His parents were right. He was in no position to compete with anyone. To press his cause would only result in failure and humiliation for his family, and distress to Mary's. For several years, in crisp, firm little ways, Hannah had been making her attitude plain. She never returned his mother's offerings in kind —cakes or flowers or wild honey. She managed to hasten her children off when they would have lingered to mingle with those of Jacob after services. And seldom had Joachim brought any business to his shop. A subtle yet very real barrier had separated them, a barrier as forbidding as if Mary's people had been wealthy and highborn.

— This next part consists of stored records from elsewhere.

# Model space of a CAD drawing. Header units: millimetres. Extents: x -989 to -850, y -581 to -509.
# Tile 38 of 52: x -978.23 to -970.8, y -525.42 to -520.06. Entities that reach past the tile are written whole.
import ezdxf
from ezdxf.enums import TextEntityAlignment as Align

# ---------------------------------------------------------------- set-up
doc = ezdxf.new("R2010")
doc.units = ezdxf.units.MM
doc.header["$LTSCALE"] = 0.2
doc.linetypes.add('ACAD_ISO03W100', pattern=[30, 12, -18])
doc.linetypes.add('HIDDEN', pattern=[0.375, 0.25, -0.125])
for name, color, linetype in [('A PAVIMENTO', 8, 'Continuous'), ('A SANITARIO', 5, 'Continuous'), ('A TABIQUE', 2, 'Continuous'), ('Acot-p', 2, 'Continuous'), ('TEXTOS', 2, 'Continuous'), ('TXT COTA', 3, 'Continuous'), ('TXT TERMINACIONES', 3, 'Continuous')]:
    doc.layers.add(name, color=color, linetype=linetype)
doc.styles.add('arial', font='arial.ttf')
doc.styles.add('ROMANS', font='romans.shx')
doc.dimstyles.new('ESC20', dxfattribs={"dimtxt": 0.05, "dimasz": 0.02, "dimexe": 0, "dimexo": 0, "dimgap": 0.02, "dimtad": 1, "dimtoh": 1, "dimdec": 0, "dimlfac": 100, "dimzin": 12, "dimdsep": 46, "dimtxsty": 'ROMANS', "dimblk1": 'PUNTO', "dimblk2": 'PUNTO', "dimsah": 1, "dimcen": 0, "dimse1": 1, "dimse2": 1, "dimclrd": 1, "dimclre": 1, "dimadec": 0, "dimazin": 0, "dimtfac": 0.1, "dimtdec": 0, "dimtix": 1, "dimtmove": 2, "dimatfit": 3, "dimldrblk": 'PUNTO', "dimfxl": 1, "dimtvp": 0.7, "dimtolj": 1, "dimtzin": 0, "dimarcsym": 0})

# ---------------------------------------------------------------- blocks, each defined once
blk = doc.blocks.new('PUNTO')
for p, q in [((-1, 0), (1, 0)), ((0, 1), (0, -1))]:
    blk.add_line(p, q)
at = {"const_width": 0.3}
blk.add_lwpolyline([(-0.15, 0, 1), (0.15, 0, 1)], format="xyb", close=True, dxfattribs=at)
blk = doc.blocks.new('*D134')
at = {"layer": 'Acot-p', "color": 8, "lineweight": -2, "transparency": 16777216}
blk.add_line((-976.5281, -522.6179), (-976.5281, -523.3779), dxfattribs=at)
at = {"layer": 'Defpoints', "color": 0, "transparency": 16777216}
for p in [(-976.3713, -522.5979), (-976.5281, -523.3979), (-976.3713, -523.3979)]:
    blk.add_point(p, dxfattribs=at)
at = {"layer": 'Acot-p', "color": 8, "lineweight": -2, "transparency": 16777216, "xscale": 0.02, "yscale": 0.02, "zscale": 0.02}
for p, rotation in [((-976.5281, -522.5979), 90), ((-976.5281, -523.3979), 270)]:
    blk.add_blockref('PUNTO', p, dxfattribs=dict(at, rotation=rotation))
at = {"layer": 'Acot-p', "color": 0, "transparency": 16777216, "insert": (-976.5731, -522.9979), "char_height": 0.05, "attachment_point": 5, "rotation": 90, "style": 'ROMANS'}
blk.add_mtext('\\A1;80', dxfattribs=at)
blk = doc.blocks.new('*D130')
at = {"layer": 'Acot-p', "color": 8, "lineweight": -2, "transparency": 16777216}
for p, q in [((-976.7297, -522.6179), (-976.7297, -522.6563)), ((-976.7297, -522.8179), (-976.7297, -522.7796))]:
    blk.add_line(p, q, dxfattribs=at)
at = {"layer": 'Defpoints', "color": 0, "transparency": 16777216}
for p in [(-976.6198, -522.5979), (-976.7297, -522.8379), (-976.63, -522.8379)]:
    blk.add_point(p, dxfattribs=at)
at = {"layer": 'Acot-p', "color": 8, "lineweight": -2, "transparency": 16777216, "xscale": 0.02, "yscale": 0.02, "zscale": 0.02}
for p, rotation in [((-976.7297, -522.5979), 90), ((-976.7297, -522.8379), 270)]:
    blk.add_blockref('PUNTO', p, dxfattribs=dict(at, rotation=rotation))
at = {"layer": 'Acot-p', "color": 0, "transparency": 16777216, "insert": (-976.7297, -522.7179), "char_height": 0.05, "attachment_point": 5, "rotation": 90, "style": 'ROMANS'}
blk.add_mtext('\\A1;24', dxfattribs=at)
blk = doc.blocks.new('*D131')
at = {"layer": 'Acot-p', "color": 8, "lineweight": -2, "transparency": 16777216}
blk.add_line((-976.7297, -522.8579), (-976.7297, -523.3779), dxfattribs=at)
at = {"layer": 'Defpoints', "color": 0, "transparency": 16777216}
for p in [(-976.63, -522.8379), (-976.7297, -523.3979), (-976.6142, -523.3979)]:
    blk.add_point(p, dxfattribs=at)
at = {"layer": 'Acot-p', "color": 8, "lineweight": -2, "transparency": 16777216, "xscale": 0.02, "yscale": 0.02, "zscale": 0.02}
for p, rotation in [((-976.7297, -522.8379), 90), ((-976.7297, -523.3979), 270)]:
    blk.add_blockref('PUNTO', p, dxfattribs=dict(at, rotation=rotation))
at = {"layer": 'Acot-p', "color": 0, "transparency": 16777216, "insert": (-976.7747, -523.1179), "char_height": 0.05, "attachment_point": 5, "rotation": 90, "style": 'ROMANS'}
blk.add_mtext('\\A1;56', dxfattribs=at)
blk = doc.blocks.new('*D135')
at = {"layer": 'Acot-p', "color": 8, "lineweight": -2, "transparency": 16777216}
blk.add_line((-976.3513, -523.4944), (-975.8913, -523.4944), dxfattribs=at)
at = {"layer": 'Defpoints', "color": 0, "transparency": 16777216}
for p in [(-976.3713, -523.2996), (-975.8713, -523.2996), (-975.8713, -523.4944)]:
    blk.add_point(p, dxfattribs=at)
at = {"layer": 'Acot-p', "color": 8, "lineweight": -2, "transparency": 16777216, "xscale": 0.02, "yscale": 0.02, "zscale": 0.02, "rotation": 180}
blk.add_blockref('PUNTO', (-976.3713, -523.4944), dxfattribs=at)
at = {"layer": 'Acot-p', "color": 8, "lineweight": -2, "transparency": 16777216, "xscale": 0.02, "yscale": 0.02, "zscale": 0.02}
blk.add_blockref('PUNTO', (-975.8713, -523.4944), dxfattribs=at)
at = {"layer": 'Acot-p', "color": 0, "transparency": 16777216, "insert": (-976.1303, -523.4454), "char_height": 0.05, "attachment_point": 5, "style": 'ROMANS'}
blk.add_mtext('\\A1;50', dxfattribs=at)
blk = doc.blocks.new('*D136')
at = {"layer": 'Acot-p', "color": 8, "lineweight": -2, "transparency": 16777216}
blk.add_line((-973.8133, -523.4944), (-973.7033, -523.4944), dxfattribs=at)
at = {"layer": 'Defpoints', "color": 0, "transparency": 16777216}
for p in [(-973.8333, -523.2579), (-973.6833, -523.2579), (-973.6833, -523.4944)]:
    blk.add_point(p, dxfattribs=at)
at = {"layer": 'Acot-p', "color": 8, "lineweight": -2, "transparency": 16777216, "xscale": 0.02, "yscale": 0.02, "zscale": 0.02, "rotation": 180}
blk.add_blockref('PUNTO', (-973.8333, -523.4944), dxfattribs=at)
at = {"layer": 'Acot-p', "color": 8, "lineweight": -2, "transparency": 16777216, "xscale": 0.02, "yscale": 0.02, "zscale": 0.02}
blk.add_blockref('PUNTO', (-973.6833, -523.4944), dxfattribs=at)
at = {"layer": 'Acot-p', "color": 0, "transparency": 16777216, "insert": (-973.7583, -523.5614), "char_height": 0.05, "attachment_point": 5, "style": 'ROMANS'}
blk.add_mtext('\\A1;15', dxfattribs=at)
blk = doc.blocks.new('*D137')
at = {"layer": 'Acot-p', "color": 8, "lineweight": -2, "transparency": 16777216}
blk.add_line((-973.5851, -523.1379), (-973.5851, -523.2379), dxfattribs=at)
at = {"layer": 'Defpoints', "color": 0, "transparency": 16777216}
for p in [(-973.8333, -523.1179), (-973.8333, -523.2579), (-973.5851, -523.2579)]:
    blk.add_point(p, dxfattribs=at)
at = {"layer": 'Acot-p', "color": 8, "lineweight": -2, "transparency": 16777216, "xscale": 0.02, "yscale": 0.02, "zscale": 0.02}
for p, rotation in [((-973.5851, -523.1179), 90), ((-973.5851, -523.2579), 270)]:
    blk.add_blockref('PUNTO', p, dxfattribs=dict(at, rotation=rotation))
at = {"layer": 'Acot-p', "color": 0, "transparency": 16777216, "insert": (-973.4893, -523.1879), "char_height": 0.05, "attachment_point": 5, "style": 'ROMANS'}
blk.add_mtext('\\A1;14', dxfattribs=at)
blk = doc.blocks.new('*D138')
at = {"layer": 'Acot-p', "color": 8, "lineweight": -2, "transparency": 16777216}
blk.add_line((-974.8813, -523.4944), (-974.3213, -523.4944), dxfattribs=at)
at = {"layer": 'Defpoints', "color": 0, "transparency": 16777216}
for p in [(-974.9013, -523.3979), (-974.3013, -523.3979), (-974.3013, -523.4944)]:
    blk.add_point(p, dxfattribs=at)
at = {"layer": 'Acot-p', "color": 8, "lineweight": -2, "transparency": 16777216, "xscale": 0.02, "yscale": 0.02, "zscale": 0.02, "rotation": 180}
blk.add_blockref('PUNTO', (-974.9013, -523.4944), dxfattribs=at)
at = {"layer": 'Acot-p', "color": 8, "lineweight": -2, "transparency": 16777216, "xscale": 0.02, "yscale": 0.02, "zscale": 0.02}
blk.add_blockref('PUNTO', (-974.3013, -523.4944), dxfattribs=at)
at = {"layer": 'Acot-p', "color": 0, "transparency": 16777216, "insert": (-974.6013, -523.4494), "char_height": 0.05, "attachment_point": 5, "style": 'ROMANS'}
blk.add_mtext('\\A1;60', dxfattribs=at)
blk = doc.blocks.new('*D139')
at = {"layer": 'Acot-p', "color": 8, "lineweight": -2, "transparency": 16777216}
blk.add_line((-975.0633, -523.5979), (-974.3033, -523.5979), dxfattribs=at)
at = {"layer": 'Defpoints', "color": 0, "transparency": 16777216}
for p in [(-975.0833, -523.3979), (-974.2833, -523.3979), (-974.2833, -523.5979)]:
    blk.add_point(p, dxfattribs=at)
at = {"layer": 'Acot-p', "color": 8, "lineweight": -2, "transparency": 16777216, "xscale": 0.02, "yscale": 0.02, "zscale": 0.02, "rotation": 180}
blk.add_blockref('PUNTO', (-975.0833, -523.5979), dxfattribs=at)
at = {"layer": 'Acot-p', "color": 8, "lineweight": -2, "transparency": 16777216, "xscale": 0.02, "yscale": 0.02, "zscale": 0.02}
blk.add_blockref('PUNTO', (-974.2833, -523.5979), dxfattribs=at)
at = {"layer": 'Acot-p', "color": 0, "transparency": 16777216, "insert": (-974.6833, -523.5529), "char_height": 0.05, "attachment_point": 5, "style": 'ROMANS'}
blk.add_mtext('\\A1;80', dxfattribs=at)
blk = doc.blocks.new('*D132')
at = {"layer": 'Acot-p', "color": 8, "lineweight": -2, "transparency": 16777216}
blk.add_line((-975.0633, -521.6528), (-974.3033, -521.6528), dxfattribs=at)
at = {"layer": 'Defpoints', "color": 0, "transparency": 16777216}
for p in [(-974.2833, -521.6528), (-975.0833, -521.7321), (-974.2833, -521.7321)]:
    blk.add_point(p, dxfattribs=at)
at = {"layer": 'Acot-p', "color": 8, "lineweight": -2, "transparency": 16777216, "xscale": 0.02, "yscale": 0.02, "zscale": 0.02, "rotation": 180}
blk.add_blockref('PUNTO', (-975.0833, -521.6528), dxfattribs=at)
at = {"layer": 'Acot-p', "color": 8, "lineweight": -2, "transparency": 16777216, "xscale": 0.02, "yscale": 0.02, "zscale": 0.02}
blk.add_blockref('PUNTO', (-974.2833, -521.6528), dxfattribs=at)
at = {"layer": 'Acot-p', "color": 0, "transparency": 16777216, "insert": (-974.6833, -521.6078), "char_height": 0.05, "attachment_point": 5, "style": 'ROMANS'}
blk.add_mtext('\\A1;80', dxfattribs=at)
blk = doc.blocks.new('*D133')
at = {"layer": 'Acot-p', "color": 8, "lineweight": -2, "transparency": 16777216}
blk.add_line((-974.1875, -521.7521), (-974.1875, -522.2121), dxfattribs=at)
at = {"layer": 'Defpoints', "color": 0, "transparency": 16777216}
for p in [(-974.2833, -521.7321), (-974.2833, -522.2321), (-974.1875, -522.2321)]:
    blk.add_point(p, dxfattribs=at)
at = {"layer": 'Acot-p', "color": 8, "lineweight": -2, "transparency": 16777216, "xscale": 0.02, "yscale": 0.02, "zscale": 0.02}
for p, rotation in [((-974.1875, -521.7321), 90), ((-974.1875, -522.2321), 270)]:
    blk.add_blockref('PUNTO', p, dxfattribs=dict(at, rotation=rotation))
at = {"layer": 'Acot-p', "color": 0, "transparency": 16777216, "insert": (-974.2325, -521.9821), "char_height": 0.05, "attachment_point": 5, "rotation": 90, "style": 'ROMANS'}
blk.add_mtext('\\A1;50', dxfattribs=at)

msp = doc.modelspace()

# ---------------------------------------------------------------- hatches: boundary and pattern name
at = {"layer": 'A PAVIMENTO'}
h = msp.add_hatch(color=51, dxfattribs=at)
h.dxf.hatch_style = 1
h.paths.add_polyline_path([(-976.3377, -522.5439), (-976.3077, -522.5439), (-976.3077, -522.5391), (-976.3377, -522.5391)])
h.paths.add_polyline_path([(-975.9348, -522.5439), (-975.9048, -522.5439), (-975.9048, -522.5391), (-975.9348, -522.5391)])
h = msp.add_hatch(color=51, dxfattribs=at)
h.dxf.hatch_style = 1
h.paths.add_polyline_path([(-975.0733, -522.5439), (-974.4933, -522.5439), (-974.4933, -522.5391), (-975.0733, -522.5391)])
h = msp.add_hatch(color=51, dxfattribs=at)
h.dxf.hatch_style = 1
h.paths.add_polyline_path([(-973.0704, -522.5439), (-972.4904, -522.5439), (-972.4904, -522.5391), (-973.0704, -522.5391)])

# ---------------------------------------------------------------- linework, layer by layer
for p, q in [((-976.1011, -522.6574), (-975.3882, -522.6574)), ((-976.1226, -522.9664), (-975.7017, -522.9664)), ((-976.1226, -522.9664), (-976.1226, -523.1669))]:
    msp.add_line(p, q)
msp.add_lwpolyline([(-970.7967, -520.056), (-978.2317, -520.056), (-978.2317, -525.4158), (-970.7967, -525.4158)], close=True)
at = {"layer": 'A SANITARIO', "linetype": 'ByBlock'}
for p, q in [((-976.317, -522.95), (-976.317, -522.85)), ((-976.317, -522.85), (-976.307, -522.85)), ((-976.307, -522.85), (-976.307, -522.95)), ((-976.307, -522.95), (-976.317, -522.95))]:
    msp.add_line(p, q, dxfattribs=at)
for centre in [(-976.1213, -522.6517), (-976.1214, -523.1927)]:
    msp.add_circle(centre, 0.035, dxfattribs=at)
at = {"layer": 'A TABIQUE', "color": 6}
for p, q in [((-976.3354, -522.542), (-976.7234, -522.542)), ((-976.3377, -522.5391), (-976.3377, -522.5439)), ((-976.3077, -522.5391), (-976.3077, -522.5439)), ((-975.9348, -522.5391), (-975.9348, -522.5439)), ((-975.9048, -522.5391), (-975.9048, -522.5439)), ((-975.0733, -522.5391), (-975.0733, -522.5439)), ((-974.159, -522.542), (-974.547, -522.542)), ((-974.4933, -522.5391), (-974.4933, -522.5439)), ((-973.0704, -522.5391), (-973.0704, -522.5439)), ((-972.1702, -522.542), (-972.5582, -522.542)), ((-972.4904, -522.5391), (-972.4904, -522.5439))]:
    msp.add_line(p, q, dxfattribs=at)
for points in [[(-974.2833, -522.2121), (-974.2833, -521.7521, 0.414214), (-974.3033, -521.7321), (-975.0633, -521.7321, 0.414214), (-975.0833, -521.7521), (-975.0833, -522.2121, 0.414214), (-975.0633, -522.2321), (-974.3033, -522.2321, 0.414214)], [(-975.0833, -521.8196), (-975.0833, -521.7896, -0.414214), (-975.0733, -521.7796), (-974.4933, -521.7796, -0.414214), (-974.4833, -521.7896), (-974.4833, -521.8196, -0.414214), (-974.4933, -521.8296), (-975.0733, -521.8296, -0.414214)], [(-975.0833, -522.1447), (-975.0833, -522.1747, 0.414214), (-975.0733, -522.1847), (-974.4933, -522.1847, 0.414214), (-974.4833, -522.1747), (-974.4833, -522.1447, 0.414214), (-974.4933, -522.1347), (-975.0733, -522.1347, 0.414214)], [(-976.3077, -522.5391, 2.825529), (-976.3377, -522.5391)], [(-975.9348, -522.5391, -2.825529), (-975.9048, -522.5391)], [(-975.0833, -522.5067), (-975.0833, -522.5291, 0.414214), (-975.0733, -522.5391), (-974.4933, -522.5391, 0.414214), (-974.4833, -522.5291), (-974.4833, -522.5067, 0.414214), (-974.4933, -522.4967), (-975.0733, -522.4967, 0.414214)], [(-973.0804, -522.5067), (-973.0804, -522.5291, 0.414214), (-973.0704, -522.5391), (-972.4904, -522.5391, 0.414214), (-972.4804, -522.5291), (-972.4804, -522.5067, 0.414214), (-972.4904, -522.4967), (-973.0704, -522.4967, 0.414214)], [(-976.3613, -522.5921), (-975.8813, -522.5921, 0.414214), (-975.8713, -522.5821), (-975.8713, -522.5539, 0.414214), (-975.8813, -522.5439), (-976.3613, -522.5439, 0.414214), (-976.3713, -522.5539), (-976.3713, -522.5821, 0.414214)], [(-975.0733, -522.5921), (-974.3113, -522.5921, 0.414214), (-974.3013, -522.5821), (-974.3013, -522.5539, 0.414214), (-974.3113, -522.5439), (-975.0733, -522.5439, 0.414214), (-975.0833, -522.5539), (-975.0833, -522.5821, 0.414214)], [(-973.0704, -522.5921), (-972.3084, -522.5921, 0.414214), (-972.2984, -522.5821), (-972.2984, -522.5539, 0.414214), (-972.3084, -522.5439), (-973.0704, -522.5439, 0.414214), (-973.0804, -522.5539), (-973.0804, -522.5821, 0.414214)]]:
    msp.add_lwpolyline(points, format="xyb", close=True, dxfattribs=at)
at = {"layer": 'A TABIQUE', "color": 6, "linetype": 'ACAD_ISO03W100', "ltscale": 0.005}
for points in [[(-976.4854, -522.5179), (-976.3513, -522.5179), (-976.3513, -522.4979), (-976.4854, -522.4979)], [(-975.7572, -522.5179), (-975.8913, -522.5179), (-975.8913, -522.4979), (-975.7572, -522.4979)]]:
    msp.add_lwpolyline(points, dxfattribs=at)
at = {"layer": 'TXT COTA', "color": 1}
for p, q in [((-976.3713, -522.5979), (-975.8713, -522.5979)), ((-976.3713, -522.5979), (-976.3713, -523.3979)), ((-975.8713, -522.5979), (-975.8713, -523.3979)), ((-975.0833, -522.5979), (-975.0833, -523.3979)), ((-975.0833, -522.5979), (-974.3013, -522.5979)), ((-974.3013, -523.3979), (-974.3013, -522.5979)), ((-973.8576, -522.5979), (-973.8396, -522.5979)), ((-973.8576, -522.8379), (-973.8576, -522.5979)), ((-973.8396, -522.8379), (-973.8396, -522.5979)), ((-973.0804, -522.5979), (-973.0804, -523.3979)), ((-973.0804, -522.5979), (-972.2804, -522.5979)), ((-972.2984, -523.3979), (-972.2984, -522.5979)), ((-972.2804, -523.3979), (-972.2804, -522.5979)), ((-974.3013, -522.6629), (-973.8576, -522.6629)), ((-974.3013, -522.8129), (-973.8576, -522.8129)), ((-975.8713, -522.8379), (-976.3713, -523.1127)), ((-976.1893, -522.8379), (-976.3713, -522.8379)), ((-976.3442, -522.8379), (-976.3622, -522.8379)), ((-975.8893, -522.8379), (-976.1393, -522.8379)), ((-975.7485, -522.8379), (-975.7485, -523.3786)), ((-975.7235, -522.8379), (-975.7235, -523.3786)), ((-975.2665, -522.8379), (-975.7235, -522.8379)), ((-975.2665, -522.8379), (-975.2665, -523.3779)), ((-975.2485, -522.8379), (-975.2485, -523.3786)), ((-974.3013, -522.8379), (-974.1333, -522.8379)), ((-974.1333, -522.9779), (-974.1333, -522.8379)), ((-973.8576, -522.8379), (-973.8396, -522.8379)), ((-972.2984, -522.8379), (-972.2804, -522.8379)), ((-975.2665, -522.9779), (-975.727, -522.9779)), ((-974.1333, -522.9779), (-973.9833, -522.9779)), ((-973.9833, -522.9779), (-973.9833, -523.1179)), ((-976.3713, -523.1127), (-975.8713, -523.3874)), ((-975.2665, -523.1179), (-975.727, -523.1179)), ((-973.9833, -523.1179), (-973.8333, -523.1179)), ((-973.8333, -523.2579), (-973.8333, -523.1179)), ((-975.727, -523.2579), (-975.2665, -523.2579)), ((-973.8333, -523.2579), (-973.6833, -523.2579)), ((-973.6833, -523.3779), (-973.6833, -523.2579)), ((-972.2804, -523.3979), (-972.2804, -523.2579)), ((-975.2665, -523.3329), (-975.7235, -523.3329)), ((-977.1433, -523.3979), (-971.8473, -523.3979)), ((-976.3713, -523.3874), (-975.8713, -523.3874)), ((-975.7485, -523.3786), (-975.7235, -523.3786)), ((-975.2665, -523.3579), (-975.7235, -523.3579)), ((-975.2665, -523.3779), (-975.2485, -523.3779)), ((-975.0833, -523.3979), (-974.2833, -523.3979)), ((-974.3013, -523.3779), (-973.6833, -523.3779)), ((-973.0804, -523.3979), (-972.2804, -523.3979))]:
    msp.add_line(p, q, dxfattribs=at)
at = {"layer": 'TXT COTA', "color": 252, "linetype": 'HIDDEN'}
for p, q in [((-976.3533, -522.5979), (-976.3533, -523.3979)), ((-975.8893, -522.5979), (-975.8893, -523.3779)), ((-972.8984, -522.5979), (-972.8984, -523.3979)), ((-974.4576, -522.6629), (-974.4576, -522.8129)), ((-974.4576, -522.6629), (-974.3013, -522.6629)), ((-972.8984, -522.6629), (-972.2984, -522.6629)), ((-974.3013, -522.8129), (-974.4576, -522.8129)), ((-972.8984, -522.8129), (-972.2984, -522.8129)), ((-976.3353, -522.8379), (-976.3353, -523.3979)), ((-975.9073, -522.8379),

"Is it never to be then?" he demanded of the empty, uncaring space above. He searched it vainly a moment for some sign. And Joseph's eyes were wet, in part for the immutable loss of Mary, but in part for the loss of his faith. He thought with shame and bitterness of the long communion that in his desire he had conjured up. He had given himself the answers all the time! Now he saw that the true worshiper does not expect answers. The days were long past when God summoned Moses up onto a mountain, or revealed himself through a burning bush or a ladder of stars. This was a new age and a new era, where the true believer did not expect such evidence from Jahveh. Least of all should he expect personal favors.
"So be it."
He watched a lizard dart up the tree, its iridescent blue whip of tail quivering. He sat up and plucked a leaf from a low bough and bit down hard upon it. Its taste was bitter, like life. But it existed. It was. As he was and would continue to be. Even without her who had gradually become his primary excuse for being, he would survive. But how? How? The prospect was scalding.